__Supplied records__
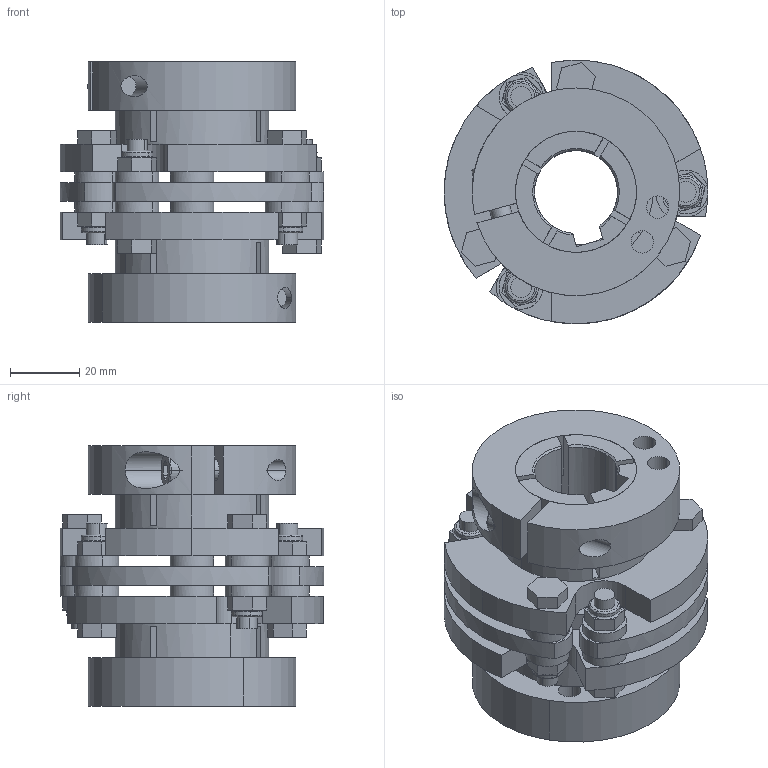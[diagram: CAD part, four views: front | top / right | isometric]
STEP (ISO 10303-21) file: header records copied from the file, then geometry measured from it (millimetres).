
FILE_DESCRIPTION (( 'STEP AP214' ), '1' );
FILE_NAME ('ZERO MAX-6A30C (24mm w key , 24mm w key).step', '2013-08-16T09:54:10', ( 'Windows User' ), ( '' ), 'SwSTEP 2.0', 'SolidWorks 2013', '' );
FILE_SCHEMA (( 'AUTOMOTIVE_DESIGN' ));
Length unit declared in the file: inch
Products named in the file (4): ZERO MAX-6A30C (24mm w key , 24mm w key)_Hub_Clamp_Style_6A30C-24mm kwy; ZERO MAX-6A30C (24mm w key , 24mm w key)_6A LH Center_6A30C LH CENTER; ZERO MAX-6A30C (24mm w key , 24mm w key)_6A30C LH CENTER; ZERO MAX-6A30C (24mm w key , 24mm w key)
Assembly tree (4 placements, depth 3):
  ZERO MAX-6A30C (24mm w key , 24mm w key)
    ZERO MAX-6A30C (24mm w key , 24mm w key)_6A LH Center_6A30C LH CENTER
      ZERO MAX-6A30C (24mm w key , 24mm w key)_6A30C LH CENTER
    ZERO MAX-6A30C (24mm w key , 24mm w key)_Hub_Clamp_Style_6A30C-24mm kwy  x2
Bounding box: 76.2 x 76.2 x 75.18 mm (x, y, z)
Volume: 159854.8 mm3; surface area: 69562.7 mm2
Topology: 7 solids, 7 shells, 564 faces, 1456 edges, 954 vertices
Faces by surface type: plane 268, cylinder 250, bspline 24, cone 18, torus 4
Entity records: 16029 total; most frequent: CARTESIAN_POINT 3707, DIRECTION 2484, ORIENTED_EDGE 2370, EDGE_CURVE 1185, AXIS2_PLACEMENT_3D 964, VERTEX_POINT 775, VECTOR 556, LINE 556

__Work task__
Check each line of the data above for the string "surface", then report how many lines have it, with no other words.

__Answer section__
2